↓↓↓

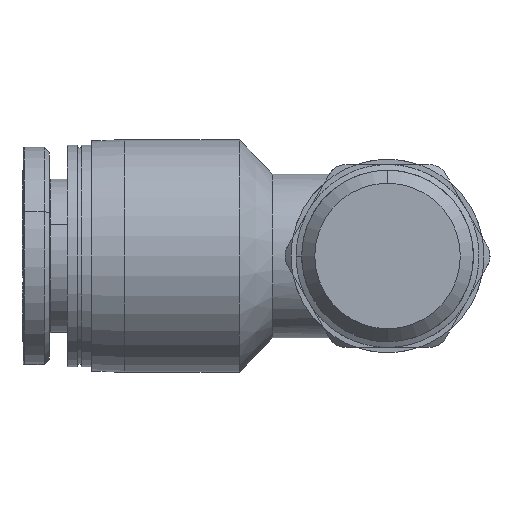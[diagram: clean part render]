
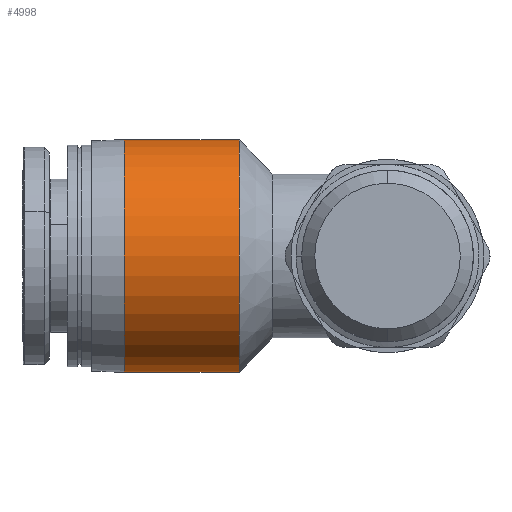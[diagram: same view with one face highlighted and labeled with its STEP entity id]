
A CAD part, front view. The second image highlights one B-rep face of the part: STEP entity #4998.
In plain terms, the highlighted cylindrical face has radius 8.926 mm (diameter 17.852 mm), a partial arc.
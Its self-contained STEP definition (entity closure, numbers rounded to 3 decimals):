
#367 = EDGE_CURVE ( 'NONE', #9370, #8077, #6994, .T. ) ;
#1182 = CARTESIAN_POINT ( 'NONE',  ( 8.8, 0., 0. ) ) ;
#1217 = DIRECTION ( 'NONE',  ( 0., 0., 1. ) ) ;
#1376 = FACE_OUTER_BOUND ( 'NONE', #8246, .T. ) ;
#1655 = DIRECTION ( 'NONE',  ( 0., 0., 1. ) ) ;
#1969 = LINE ( 'NONE', #8778, #9090 ) ;
#2332 = DIRECTION ( 'NONE',  ( -1., 0., 0. ) ) ;
#2826 = DIRECTION ( 'NONE',  ( -1., 0., 0. ) ) ;
#2908 = CARTESIAN_POINT ( 'NONE',  ( -4.4, 0., -8.926 ) ) ;
#3163 = CARTESIAN_POINT ( 'NONE',  ( 8.8, 0., -8.926 ) ) ;
#3523 = ORIENTED_EDGE ( 'NONE', *, *, #4299, .F. ) ;
#3859 = ORIENTED_EDGE ( 'NONE', *, *, #367, .F. ) ;
#4244 = CARTESIAN_POINT ( 'NONE',  ( 0., 0., 0. ) ) ;
#4299 = EDGE_CURVE ( 'NONE', #8077, #8450, #6726, .T. ) ;
#4659 = AXIS2_PLACEMENT_3D ( 'NONE', #4244, #2826, #7863 ) ;
#4823 = CARTESIAN_POINT ( 'NONE',  ( 0., 0., -8.926 ) ) ;
#4849 = DIRECTION ( 'NONE',  ( -1., 0., 0. ) ) ;
#4932 = CARTESIAN_POINT ( 'NONE',  ( 0., 0., 8.926 ) ) ;
#4998 = ADVANCED_FACE ( 'NONE', ( #1376 ), #8607, .T. ) ;
#5317 = ORIENTED_EDGE ( 'NONE', *, *, #7693, .T. ) ;
#5425 = ORIENTED_EDGE ( 'NONE', *, *, #7136, .T. ) ;
#5670 = CARTESIAN_POINT ( 'NONE',  ( 8.8, 0., 8.926 ) ) ;
#5896 = DIRECTION ( 'NONE',  ( -1., 0., 0. ) ) ;
#5912 = CIRCLE ( 'NONE', #8407, 8.926 ) ;
#6726 = CIRCLE ( 'NONE', #4659, 8.926 ) ;
#6994 = LINE ( 'NONE', #2908, #8662 ) ;
#7136 = EDGE_CURVE ( 'NONE', #7788, #8450, #1969, .T. ) ;
#7243 = AXIS2_PLACEMENT_3D ( 'NONE', #7367, #2332, #1655 ) ;
#7367 = CARTESIAN_POINT ( 'NONE',  ( -4.4, 0., 0. ) ) ;
#7693 = EDGE_CURVE ( 'NONE', #9370, #7788, #5912, .T. ) ;
#7788 = VERTEX_POINT ( 'NONE', #5670 ) ;
#7863 = DIRECTION ( 'NONE',  ( 0., 0., 1. ) ) ;
#7968 = DIRECTION ( 'NONE',  ( -1., 0., 0. ) ) ;
#8077 = VERTEX_POINT ( 'NONE', #4823 ) ;
#8246 = EDGE_LOOP ( 'NONE', ( #3859, #5317, #5425, #3523 ) ) ;
#8407 = AXIS2_PLACEMENT_3D ( 'NONE', #1182, #4849, #1217 ) ;
#8450 = VERTEX_POINT ( 'NONE', #4932 ) ;
#8607 = CYLINDRICAL_SURFACE ( 'NONE', #7243, 8.926 ) ;
#8662 = VECTOR ( 'NONE', #5896, 1000. ) ;
#8778 = CARTESIAN_POINT ( 'NONE',  ( -4.4, 0., 8.926 ) ) ;
#9090 = VECTOR ( 'NONE', #7968, 1000. ) ;
#9370 = VERTEX_POINT ( 'NONE', #3163 ) ;

↑↑↑

--- WHAT TO WORK ON ---
Set down a word-for-word copy of the records, dropping any picture.

--- YOUR SOLUTION ---
[diagram: clean part render]
[diagram: same view with one face highlighted and labeled with its STEP entity id]
A CAD part, front view. The second image highlights one B-rep face of the part: STEP entity #4998.
In plain terms, the highlighted cylindrical face has radius 8.926 mm (diameter 17.852 mm), a partial arc.
Its self-contained STEP definition (entity closure, numbers rounded to 3 decimals):
#367 = EDGE_CURVE ( 'NONE', #9370, #8077, #6994, .T. ) ;
#1182 = CARTESIAN_POINT ( 'NONE',  ( 8.8, 0., 0. ) ) ;
#1217 = DIRECTION ( 'NONE',  ( 0., 0., 1. ) ) ;
#1376 = FACE_OUTER_BOUND ( 'NONE', #8246, .T. ) ;
#1655 = DIRECTION ( 'NONE',  ( 0., 0., 1. ) ) ;
#1969 = LINE ( 'NONE', #8778, #9090 ) ;
#2332 = DIRECTION ( 'NONE',  ( -1., 0., 0. ) ) ;
#2826 = DIRECTION ( 'NONE',  ( -1., 0., 0. ) ) ;
#2908 = CARTESIAN_POINT ( 'NONE',  ( -4.4, 0., -8.926 ) ) ;
#3163 = CARTESIAN_POINT ( 'NONE',  ( 8.8, 0., -8.926 ) ) ;
#3523 = ORIENTED_EDGE ( 'NONE', *, *, #4299, .F. ) ;
#3859 = ORIENTED_EDGE ( 'NONE', *, *, #367, .F. ) ;
#4244 = CARTESIAN_POINT ( 'NONE',  ( 0., 0., 0. ) ) ;
#4299 = EDGE_CURVE ( 'NONE', #8077, #8450, #6726, .T. ) ;
#4659 = AXIS2_PLACEMENT_3D ( 'NONE', #4244, #2826, #7863 ) ;
#4823 = CARTESIAN_POINT ( 'NONE',  ( 0., 0., -8.926 ) ) ;
#4849 = DIRECTION ( 'NONE',  ( -1., 0., 0. ) ) ;
#4932 = CARTESIAN_POINT ( 'NONE',  ( 0., 0., 8.926 ) ) ;
#4998 = ADVANCED_FACE ( 'NONE', ( #1376 ), #8607, .T. ) ;
#5317 = ORIENTED_EDGE ( 'NONE', *, *, #7693, .T. ) ;
#5425 = ORIENTED_EDGE ( 'NONE', *, *, #7136, .T. ) ;
#5670 = CARTESIAN_POINT ( 'NONE',  ( 8.8, 0., 8.926 ) ) ;
#5896 = DIRECTION ( 'NONE',  ( -1., 0., 0. ) ) ;
#5912 = CIRCLE ( 'NONE', #8407, 8.926 ) ;
#6726 = CIRCLE ( 'NONE', #4659, 8.926 ) ;
#6994 = LINE ( 'NONE', #2908, #8662 ) ;
#7136 = EDGE_CURVE ( 'NONE', #7788, #8450, #1969, .T. ) ;
#7243 = AXIS2_PLACEMENT_3D ( 'NONE', #7367, #2332, #1655 ) ;
#7367 = CARTESIAN_POINT ( 'NONE',  ( -4.4, 0., 0. ) ) ;
#7693 = EDGE_CURVE ( 'NONE', #9370, #7788, #5912, .T. ) ;
#7788 = VERTEX_POINT ( 'NONE', #5670 ) ;
#7863 = DIRECTION ( 'NONE',  ( 0., 0., 1. ) ) ;
#7968 = DIRECTION ( 'NONE',  ( -1., 0., 0. ) ) ;
#8077 = VERTEX_POINT ( 'NONE', #4823 ) ;
#8246 = EDGE_LOOP ( 'NONE', ( #3859, #5317, #5425, #3523 ) ) ;
#8407 = AXIS2_PLACEMENT_3D ( 'NONE', #1182, #4849, #1217 ) ;
#8450 = VERTEX_POINT ( 'NONE', #4932 ) ;
#8607 = CYLINDRICAL_SURFACE ( 'NONE', #7243, 8.926 ) ;
#8662 = VECTOR ( 'NONE', #5896, 1000. ) ;
#8778 = CARTESIAN_POINT ( 'NONE',  ( -4.4, 0., 8.926 ) ) ;
#9090 = VECTOR ( 'NONE', #7968, 1000. ) ;
#9370 = VERTEX_POINT ( 'NONE', #3163 ) ;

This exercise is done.